Ok so you're wondering what is safe and what isn't safe to play with. Remember it's a LOG FILE so technically ANYTHING is fair game. However I will warn you, if you disable any of it, it can make it more difficult, or impossible, to troubleshoot an issue if one were to arise. So what do I recommend you ask? If you've just installed Uptime on a trial, leave it be, because who knows? If you've had Uptime installed for a long time and you're not having any issue, go crazy. If you are about to upgrade, probably turn logging back on more in depth just in case for a day or so prior to upgrade. The upgrade will overwrite the file anyway… Basically whenever there is change, and in the early days, we need to pay more attention to things. Like a new puppy. Except well, uptime isn't likely to eat your favorite pair of Italian leather dress shoes. So. I recommend this.

# This configuration file can be used to fine-tune logging thresholds in the
# up.time application. The format of the file is:
#
# logger.name=LEVEL
#
# where LEVEL is a standard Java log level (ALL, DEBUG, INFO, WARN, ERROR,
# FATAL, OFF). Logging thresholds defined in this file override the global
# up.time logging threshold that is specified by the loggingLevel option in
# uptime.conf.
#
# Some common configuration options are listed below.

# Show more granular timing information for service monitor runs that exceed
# the long run warn threshold:
#com.uptimesoftware.uptime.base.event.erdc.ERDCEventProcessor=DEBUG

# Hide warnings about service monitors entering CRIT:
com.uptimesoftware.uptime.base.event.erdc.ErdcRunResultHandler=ERROR

# Show more detailed information about vSphere inventory updates, including
# timeouts and reconnects:
#com.uptimesoftware.uptime.vmware.update.InventoryUpdateListener=DEBUG

# Hide all informational logs about vSphere inventory updates:
com.uptimesoftware.uptime.vmware.update.log=WARN

# Logger names starting with com.uptimesoftware.util.StackLogger affect only
# the uptime_exceptions.log, which is globally set to the DEBUG threshold.
#
# An example configuration option follows.

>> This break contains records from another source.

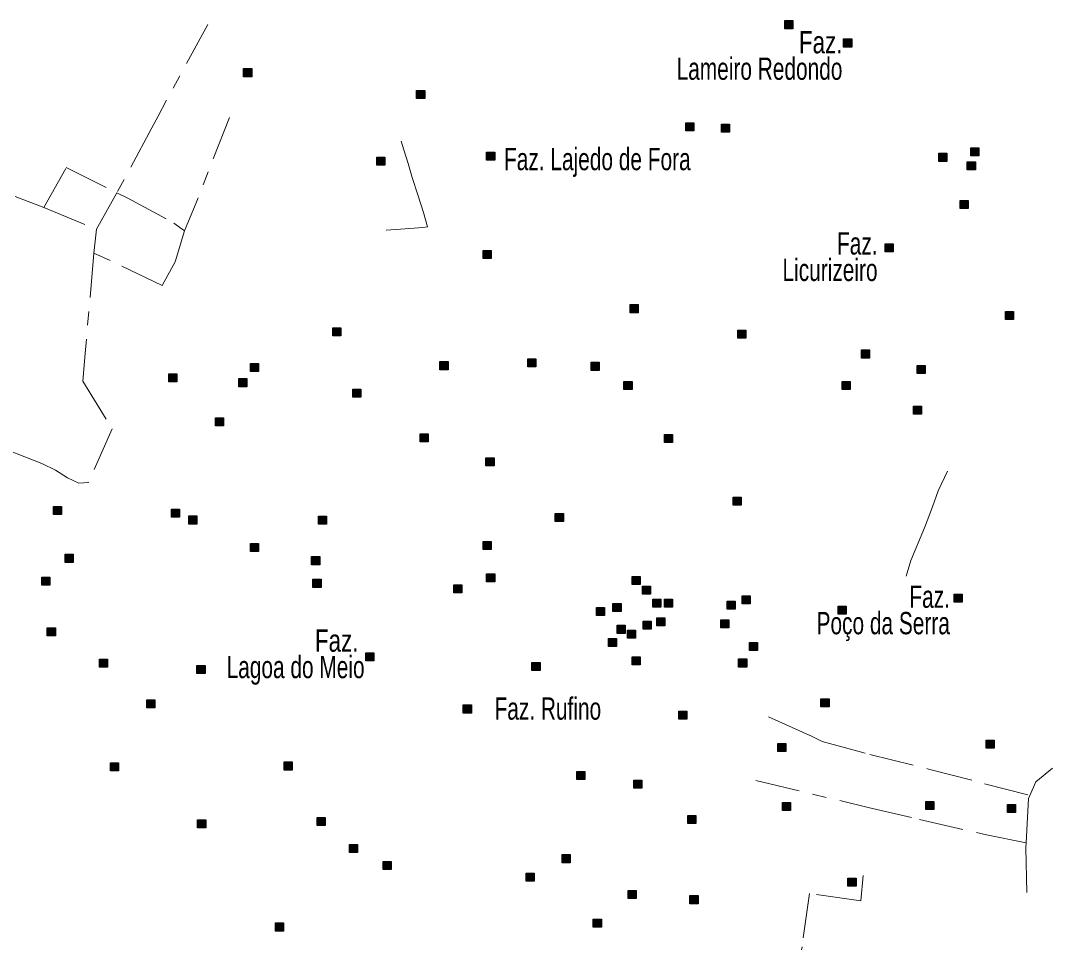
# Model space of a CAD drawing. Extents: x 445.4 to 500, y 8728.7 to 8784.
# Drawn here: x 492.59 to 500, y 8746.14 to 8752.76 of the extents above; entities that cross this region are included whole.
import ezdxf
from ezdxf.enums import TextEntityAlignment as Align

# ---------------------------------------------------------------- set-up
doc = ezdxf.new("R2010")
doc.units = 0
doc.header["$LTSCALE"] = 0.064
doc.linetypes.add('DOT_DASHED', pattern=[7.7, 5, -1.2, 0.3, -1.2])
doc.layers.add('2', color=7, linetype='Continuous', lineweight=25)
doc.layers.add('22', color=7, linetype='DOT_DASHED', lineweight=13)
doc.layers.add('61', color=7, linetype='Continuous')

msp = doc.modelspace()

# ---------------------------------------------------------------- hatches: boundary and pattern name
at = {"layer": '2'}
for points in [[(498.0778, 8752.7596), (498.1358, 8752.7596), (498.1358, 8752.7016), (498.0778, 8752.7016)], [(498.501, 8752.6281), (498.559, 8752.6281), (498.559, 8752.5701), (498.501, 8752.5701)], [(494.1928, 8752.4151), (494.2508, 8752.4151), (494.2508, 8752.3571), (494.1928, 8752.3571)], [(495.435, 8752.2582), (495.493, 8752.2582), (495.493, 8752.2002), (495.435, 8752.2002)], [(497.3673, 8752.0264), (497.4253, 8752.0264), (497.4253, 8751.9684), (497.3673, 8751.9684)], [(497.6236, 8752.0166), (497.6816, 8752.0166), (497.6816, 8751.9586), (497.6236, 8751.9586)], [(495.9378, 8751.8144), (495.9958, 8751.8144), (495.9958, 8751.7564), (495.9378, 8751.7564)], [(499.1851, 8751.8069), (499.2431, 8751.8069), (499.2431, 8751.7489), (499.1851, 8751.7489)], [(499.415, 8751.847), (499.473, 8751.847), (499.473, 8751.789), (499.415, 8751.789)], [(495.1491, 8751.7799), (495.2071, 8751.7799), (495.2071, 8751.7219), (495.1491, 8751.7219)], [(499.389, 8751.7454), (499.447, 8751.7454), (499.447, 8751.6874), (499.389, 8751.6874)], [(499.3374, 8751.468), (499.3954, 8751.468), (499.3954, 8751.41), (499.3374, 8751.41)], [(498.7985, 8751.1572), (498.8565, 8751.1572), (498.8565, 8751.0992), (498.7985, 8751.0992)], [(495.9132, 8751.1091), (495.9712, 8751.1091), (495.9712, 8751.0511), (495.9132, 8751.0511)], [(496.968, 8750.7195), (497.026, 8750.7195), (497.026, 8750.6615), (496.968, 8750.6615)], [(499.663, 8750.6703), (499.721, 8750.6703), (499.721, 8750.6123), (499.663, 8750.6123)], [(494.833, 8750.5535), (494.891, 8750.5535), (494.891, 8750.4955), (494.833, 8750.4955)], [(497.7419, 8750.5371), (497.7999, 8750.5371), (497.7999, 8750.4791), (497.7419, 8750.4791)], [(498.6292, 8750.394), (498.6872, 8750.394), (498.6872, 8750.336), (498.6292, 8750.336)], [(495.6026, 8750.3102), (495.6606, 8750.3102), (495.6606, 8750.2522), (495.6026, 8750.2522)], [(496.2336, 8750.3299), (496.2916, 8750.3299), (496.2916, 8750.2719), (496.2336, 8750.2719)], [(494.2421, 8750.2965), (494.3001, 8750.2965), (494.3001, 8750.2385), (494.2421, 8750.2385)], [(496.6871, 8750.3053), (496.7451, 8750.3053), (496.7451, 8750.2473), (496.6871, 8750.2473)], [(499.0283, 8750.2826), (499.0863, 8750.2826), (499.0863, 8750.2246), (499.0283, 8750.2246)], [(493.6555, 8750.2225), (493.7135, 8750.2225), (493.7135, 8750.1645), (493.6555, 8750.1645)], [(494.1583, 8750.188), (494.2163, 8750.188), (494.2163, 8750.13), (494.1583, 8750.13)], [(496.9237, 8750.1672), (496.9817, 8750.1672), (496.9817, 8750.1092), (496.9237, 8750.1092)], [(498.4912, 8750.1672), (498.5492, 8750.1672), (498.5492, 8750.1092), (498.4912, 8750.1092)], [(494.9766, 8750.1129), (495.0346, 8750.1129), (495.0346, 8750.0549), (494.9766, 8750.0549)], [(499.0028, 8749.9906), (499.0608, 8749.9906), (499.0608, 8749.9326), (499.0028, 8749.9326)], [(493.9907, 8749.9068), (494.0487, 8749.9068), (494.0487, 8749.8488), (493.9907, 8749.8488)], [(495.4597, 8749.7924), (495.5177, 8749.7924), (495.5177, 8749.7344), (495.4597, 8749.7344)], [(497.2145, 8749.7874), (497.2725, 8749.7874), (497.2725, 8749.7294), (497.2145, 8749.7294)], [(495.9329, 8749.6198), (495.9909, 8749.6198), (495.9909, 8749.5618), (495.9329, 8749.5618)], [(492.8274, 8749.2707), (492.8854, 8749.2707), (492.8854, 8749.2127), (492.8274, 8749.2127)], [(497.7081, 8749.337), (497.7661, 8749.337), (497.7661, 8749.279), (497.7081, 8749.279)], [(493.6752, 8749.2509), (493.7332, 8749.2509), (493.7332, 8749.1929), (493.6752, 8749.1929)], [(493.7985, 8749.2016), (493.8565, 8749.2016), (493.8565, 8749.1436), (493.7985, 8749.1436)], [(494.7302, 8749.2006), (494.7882, 8749.2006), (494.7882, 8749.1426), (494.7302, 8749.1426)], [(496.4307, 8749.2203), (496.4887, 8749.2203), (496.4887, 8749.1623), (496.4307, 8749.1623)], [(494.2421, 8749.0043), (494.3001, 8749.0043), (494.3001, 8748.9463), (494.2421, 8748.9463)], [(495.9132, 8749.0181), (495.9712, 8749.0181), (495.9712, 8748.9601), (495.9132, 8748.9601)], [(492.9115, 8748.9265), (492.9695, 8748.9265), (492.9695, 8748.8685), (492.9115, 8748.8685)], [(494.6809, 8748.9096), (494.7389, 8748.9096), (494.7389, 8748.8516), (494.6809, 8748.8516)], [(492.7436, 8748.7627), (492.8016, 8748.7627), (492.8016, 8748.7047), (492.7436, 8748.7047)], [(495.9378, 8748.7863), (495.9958, 8748.7863), (495.9958, 8748.7283), (495.9378, 8748.7283)], [(496.9828, 8748.7666), (497.0408, 8748.7666), (497.0408, 8748.7086), (496.9828, 8748.7086)], [(494.6907, 8748.7469), (494.7487, 8748.7469), (494.7487, 8748.6889), (494.6907, 8748.6889)], [(495.7012, 8748.7074), (495.7592, 8748.7074), (495.7592, 8748.6494), (495.7012, 8748.6494)], [(497.0568, 8748.6975), (497.1148, 8748.6975), (497.1148, 8748.6395), (497.0568, 8748.6395)], [(497.1307, 8748.6038), (497.1887, 8748.6038), (497.1887, 8748.5458), (497.1307, 8748.5458)], [(497.2145, 8748.6038), (497.2725, 8748.6038), (497.2725, 8748.5458), (497.2145, 8748.5458)], [(497.7715, 8748.6285), (497.8295, 8748.6285), (497.8295, 8748.5705), (497.7715, 8748.5705)], [(499.2946, 8748.6402), (499.3526, 8748.6402), (499.3526, 8748.5822), (499.2946, 8748.5822)], [(496.7265, 8748.5447), (496.7845, 8748.5447), (496.7845, 8748.4867), (496.7265, 8748.4867)], [(496.8448, 8748.5742), (496.9028, 8748.5742), (496.9028, 8748.5162), (496.8448, 8748.5162)], [(497.6649, 8748.5898), (497.7229, 8748.5898), (497.7229, 8748.5318), (497.6649, 8748.5318)], [(498.4616, 8748.5545), (498.5196, 8748.5545), (498.5196, 8748.4965), (498.4616, 8748.4965)], [(497.1603, 8748.4707), (497.2183, 8748.4707), (497.2183, 8748.4127), (497.1603, 8748.4127)], [(497.6187, 8748.4559), (497.6767, 8748.4559), (497.6767, 8748.3979), (497.6187, 8748.3979)], [(492.7831, 8748.3977), (492.8411, 8748.3977), (492.8411, 8748.3397), (492.7831, 8748.3397)], [(496.8744, 8748.4164), (496.9324, 8748.4164), (496.9324, 8748.3584), (496.8744, 8748.3584)], [(496.9483, 8748.3819), (497.0063, 8748.3819), (497.0063, 8748.3239), (496.9483, 8748.3239)], [(497.0617, 8748.446), (497.1197, 8748.446), (497.1197, 8748.388), (497.0617, 8748.388)], [(496.8133, 8748.3212), (496.8713, 8748.3212), (496.8713, 8748.2632), (496.8133, 8748.2632)], [(497.8257, 8748.2931), (497.8837, 8748.2931), (497.8837, 8748.2351), (497.8257, 8748.2351)], [(493.1577, 8748.1729), (493.2157, 8748.1729), (493.2157, 8748.1149), (493.1577, 8748.1149)], [(495.0703, 8748.2192), (495.1283, 8748.2192), (495.1283, 8748.1612), (495.0703, 8748.1612)], [(496.9828, 8748.1896), (497.0408, 8748.1896), (497.0408, 8748.1316), (496.9828, 8748.1316)], [(497.7469, 8748.1748), (497.8049, 8748.1748), (497.8049, 8748.1168), (497.7469, 8748.1168)], [(493.8576, 8748.1285), (493.9156, 8748.1285), (493.9156, 8748.0705), (493.8576, 8748.0705)], [(496.2632, 8748.1501), (496.3212, 8748.1501), (496.3212, 8748.0921), (496.2632, 8748.0921)], [(493.4978, 8747.8819), (493.5558, 8747.8819), (493.5558, 8747.8239), (493.4978, 8747.8239)], [(498.3384, 8747.8887), (498.3964, 8747.8887), (498.3964, 8747.8307), (498.3384, 8747.8307)], [(495.7702, 8747.8444), (495.8282, 8747.8444), (495.8282, 8747.7864), (495.7702, 8747.7864)], [(497.318, 8747.8), (497.376, 8747.8), (497.376, 8747.742), (497.318, 8747.742)], [(498.0278, 8747.5682), (498.0858, 8747.5682), (498.0858, 8747.5102), (498.0278, 8747.5102)], [(499.5244, 8747.5926), (499.5824, 8747.5926), (499.5824, 8747.5346), (499.5244, 8747.5346)], [(493.2365, 8747.4282), (493.2945, 8747.4282), (493.2945, 8747.3702), (493.2365, 8747.3702)], [(494.4837, 8747.435), (494.5417, 8747.435), (494.5417, 8747.377), (494.4837, 8747.377)], [(496.5854, 8747.366), (496.6434, 8747.366), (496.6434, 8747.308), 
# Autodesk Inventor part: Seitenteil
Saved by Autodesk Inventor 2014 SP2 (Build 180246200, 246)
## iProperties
Created: 2015-07
Part Number: Seitenteil
Material: Generisch
Document SubType Name: Modeling
Designer: e_krauts
Density: 1 g/cm^3
Appearance: Vorgabe
Mass: 43.9176 g
Surface Area: 202.872 cm^2
Volume: 43.9176 cm^3
Sending System: SolidWorks 2011
Last Author: e_boekem
Sachnummer: NWS 100-00-01
Erstellt durch: XYZ
Werkstoff: AlCu4PbMg
Einheit: Stck.
Author: e_krauts
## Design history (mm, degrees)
node "Seitenteil.ipt1"
node "M5 Gewindebohrung1"
node "Basis1"
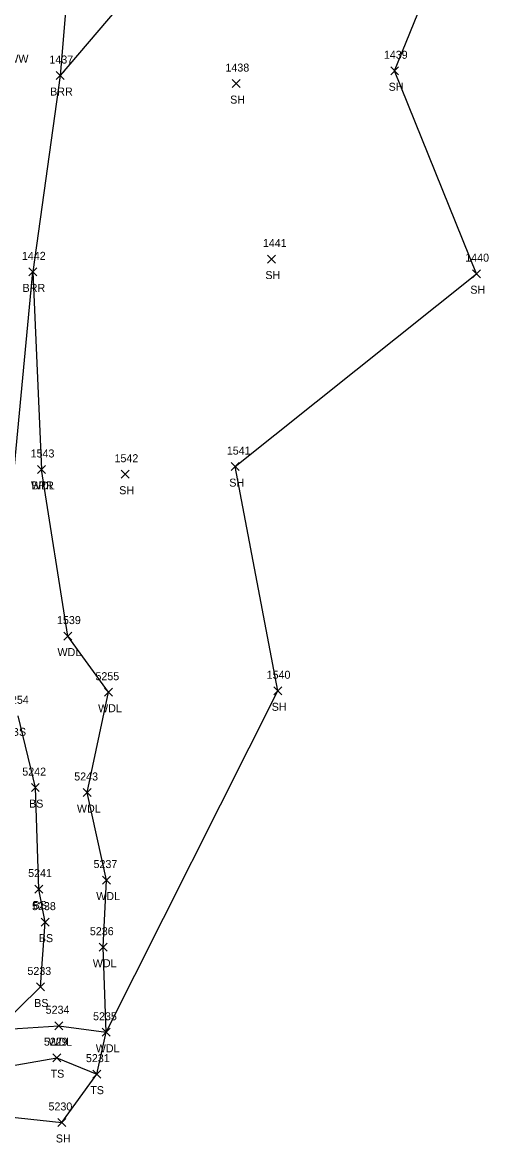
# Model space of a CAD drawing. Extents: x 1509053 to 1511576, y 400838 to 402572.
# Drawn here: x 1509791.5 to 1509908.1, y 401143.5 to 401423.4 of the extents above; entities that cross this region are included whole.
import ezdxf

# ---------------------------------------------------------------- set-up
doc = ezdxf.new("R2010")
doc.units = 0
for name, color, linetype in [('L_A', 7, 'Continuous'), ('L_I', 7, 'Continuous'), ('L_TIC', 7, 'Continuous'), ('LABL', 7, 'Continuous'), ('LAWA', 7, 'Continuous'), ('LELB', 7, 'Continuous'), ('LSOGP', 7, 'Continuous')]:
    doc.layers.add(name, color=color, linetype=linetype)

msp = doc.modelspace()

# ---------------------------------------------------------------- linework, layer by layer
at = {"layer": 'L_TIC'}
for points in [[(1509883.64, 401410.27), (1509885.64, 401412.27)], [(1509885.64, 401410.27), (1509883.64, 401412.27)], [(1509799.98, 401409.08), (1509801.98, 401411.08)], [(1509801.98, 401409.08), (1509799.98, 401411.08)], [(1509844.01, 401407.07), (1509846.01, 401409.07)], [(1509846.01, 401407.07), (1509844.01, 401409.07)], [(1509852.81, 401363.24), (1509854.81, 401365.24)], [(1509854.81, 401363.24), (1509852.81, 401365.24)], [(1509793.11, 401360.03), (1509795.11, 401362.03)], [(1509795.11, 401360.03), (1509793.11, 401362.03)], [(1509904.07, 401359.58), (1509906.07, 401361.58)], [(1509906.07, 401359.58), (1509904.07, 401361.58)], [(1509843.79, 401311.38), (1509845.79, 401313.38)], [(1509845.79, 401311.38), (1509843.79, 401313.38)], [(1509795.29, 401310.68), (1509797.28, 401312.68)], [(1509797.28, 401310.68), (1509795.29, 401312.68)], [(1509795.29, 401310.68), (1509797.28, 401312.68)], [(1509797.28, 401310.68), (1509795.29, 401312.68)], [(1509816.26, 401309.48), (1509818.26, 401311.48)], [(1509818.26, 401309.48), (1509816.26, 401311.48)], [(1509801.89, 401269.04), (1509803.89, 401271.04)], [(1509803.89, 401269.04), (1509801.89, 401271.04)], [(1509812.05, 401255.02), (1509814.05, 401257.02)], [(1509814.05, 401255.02), (1509812.05, 401257.02)], [(1509854.4, 401255.38), (1509856.4, 401257.38)], [(1509856.4, 401255.38), (1509854.4, 401257.38)], [(1509793.77, 401231.19), (1509795.77, 401233.19)], [(1509795.77, 401231.19), (1509793.77, 401233.19)], [(1509806.76, 401229.97), (1509808.76, 401231.97)], [(1509808.76, 401229.97), (1509806.76, 401231.97)], [(1509811.58, 401208.09), (1509813.58, 401210.09)], [(1509813.58, 401208.09), (1509811.58, 401210.09)], [(1509794.66, 401205.85), (1509796.66, 401207.85)], [(1509796.66, 401205.85), (1509794.66, 401207.85)], [(1509796.2, 401197.58), (1509798.2, 401199.58)], [(1509798.2, 401197.58), (1509796.2, 401199.58)], [(1509810.72, 401191.32), (1509812.72, 401193.32)], [(1509812.72, 401191.32), (1509810.72, 401193.32)], [(1509795.05, 401181.39), (1509797.05, 401183.39)], [(1509797.05, 401181.39), (1509795.05, 401183.39)], [(1509799.61, 401171.7), (1509801.61, 401173.7)], [(1509801.61, 401171.7), (1509799.61, 401173.7)], [(1509811.47, 401170.07), (1509813.47, 401172.07)], [(1509813.47, 401170.07), (1509811.47, 401172.07)], [(1509799.18, 401163.72), (1509801.18, 401165.72)], [(1509801.18, 401163.72), (1509799.18, 401165.72)], [(1509809.11, 401159.61), (1509811.11, 401161.61)], [(1509811.11, 401159.61), (1509809.11, 401161.61)], [(1509800.41, 401147.54), (1509802.41, 401149.54)], [(1509802.41, 401147.54), (1509800.41, 401149.54)]]:
    msp.add_lwpolyline(points, dxfattribs=at)
at = {"layer": 'LABL'}
msp.add_lwpolyline([(1509804.43, 401450.94), (1509800.98, 401410.08), (1509794.11, 401361.03), (1509796.28, 401311.67)], dxfattribs=at)
at = {"layer": 'LAWA'}
for points in [[(1509802.89, 401270.04), (1509796.28, 401311.67)], [(1509813.05, 401256.02), (1509802.89, 401270.04)], [(1509743.31, 401158.76), (1509753.29, 401169), (1509772.78, 401167.81), (1509783.4, 401161.76), (1509785.08, 401171.7), (1509800.61, 401172.7), (1509812.47, 401171.07), (1509811.72, 401192.32), (1509812.58, 401209.09), (1509807.76, 401230.97), (1509813.05, 401256.02)]]:
    msp.add_lwpolyline(points, dxfattribs=at)
at = {"layer": 'LELB'}
for points in [[(1509839.19, 401454.9), (1509800.98, 401410.08)], [(1509784.91, 401263.98), (1509794.11, 401361.03)], [(1509785.08, 401171.7), (1509796.05, 401182.39), (1509797.2, 401198.58), (1509795.66, 401206.85), (1509794.77, 401232.19), (1509790.44, 401250.12)], [(1509783.4, 401161.76), (1509800.18, 401164.72), (1509810.11, 401160.61)]]:
    msp.add_lwpolyline(points, dxfattribs=at)
at = {"layer": 'LSOGP'}
msp.add_lwpolyline([(1509779.68, 401150.88), (1509801.41, 401148.54), (1509810.11, 401160.61), (1509812.47, 401171.07), (1509855.4, 401256.38), (1509844.79, 401312.38), (1509905.07, 401360.58), (1509884.64, 401411.27), (1509903.2, 401456.94)], dxfattribs=at)

# ---------------------------------------------------------------- texts
at = {"layer": 'L_A'}
for s, p in [('FNWW', (1509784.44, 401413.27)), ('BRR', (1509798.47, 401405.08)), ('SH', (1509883.13, 401406.27)), ('SH', (1509843.5, 401403.07)), ('SH', (1509852.3, 401359.24)), ('BRR', (1509791.59, 401356.03)), ('SH', (1509903.56, 401355.58)), ('WDL', (1509793.7, 401306.67)), ('BRR', (1509793.77, 401306.67)), ('SH', (1509843.28, 401307.38)), ('SH', (1509815.75, 401305.48)), ('WDL', (1509800.31, 401265.04)), ('WDL', (1509810.47, 401251.02)), ('SH', (1509853.89, 401251.38)), ('BS', (1509788.89, 401245.12)), ('BS', (1509793.21, 401227.19)), ('WDL', (1509805.17, 401225.97)), ('WDL', (1509810, 401204.09)), ('BS', (1509794.1, 401201.85)), ('BS', (1509795.64, 401193.58)), ('WDL', (1509809.14, 401187.32)), ('BS', (1509794.49, 401177.39)), ('WDL', (1509798.03, 401167.7)), ('WDL', (1509809.89, 401166.07)), ('TS', (1509798.59, 401159.72)), ('TS', (1509808.52, 401155.61)), ('SH', (1509799.9, 401143.54))]:
    msp.add_text(s, height=2, dxfattribs=at).set_placement(p)
at = {"layer": 'L_I'}
for s, p in [('1437', (1509798.29, 401413.08)), ('1439', (1509881.94, 401414.27)), ('1438', (1509842.32, 401411.07)), ('1441', (1509851.68, 401367.24)), ('1442', (1509791.41, 401364.03)), ('1440', (1509902.29, 401363.58)), ('1543', (1509793.59, 401314.67)), ('1543', (1509793.59, 401314.67)), ('1541', (1509842.66, 401315.38)), ('1542', (1509814.57, 401313.48)), ('1539', (1509800.19, 401273.04)), ('5255', (1509809.8, 401259.02)), ('1540', (1509852.62, 401259.38)), ('5254', (1509787.18, 401253.12)), ('5242', (1509791.51, 401235.19)), ('5243', (1509804.5, 401233.97)), ('5237', (1509809.32, 401212.09)), ('5241', (1509792.97, 401209.85)), ('5238', (1509793.94, 401201.58)), ('5236', (1509808.41, 401195.32)), ('5233', (1509792.79, 401185.39)), ('5234', (1509797.35, 401175.7)), ('5235', (1509809.21, 401174.07)), ('5229', (1509796.91, 401167.72)), ('5231', (1509807.42, 401163.61)), ('5230', (1509798.06, 401151.54))]:
    msp.add_text(s, height=2, dxfattribs=at).set_placement(p)

doc.saveas('drawing.dxf')

# Hide exceptions printed when transactions are retried following a
# deadlock:
#com.uptimesoftware.util.StackLogger.com.uptimesoftware.uptime.database.session.SessionTemplate=INFO

I highlighted the two rows I changed. You can just copy / paste the whole thing too if you like. After modifying you will need to restart the Uptime Data Collector (core in linux) to pickup the changes since they are Java related. While the service is down, it is a perfect time to clean up that logs folder. Current logs will have no date / time stamp on them. The old ones will. If you've got something going with support, probably leave everything be for now. Otherwise, have at it. 

Now, you may be asking "ok this is nice to know, but I don't like messing with configuration files for stuff like this." I would say you're in good company! In the release that is just now available, 7.8.2, we have split all Java based monitors status messages into their very own log file. Others will follow suit soon. Also, we have plans on modifying default logging levels so you'd have to tell us you WANT more verbosity, first of all. We also plan on adding more control from within the configuration section of the GUI. We will also have what we are referring to as health dots, in the uptime dashboard that represent all kinds of things within three categories. Monitoring station health (drive capacity, folder growth like logs, cpu, mem, etc), health of monitors themselves (if some can't connect, aren't pulling data, have errors, anything preventing the monitor from working properly), and monitoring performance health (things internal to monitoring like number of events processed, backlog, various JVM stats, etc). But I'll save some of that detail for later. I figure if you made it this far in my article, I'd give you a little taste.

Thanks for reading and enjoy that free space!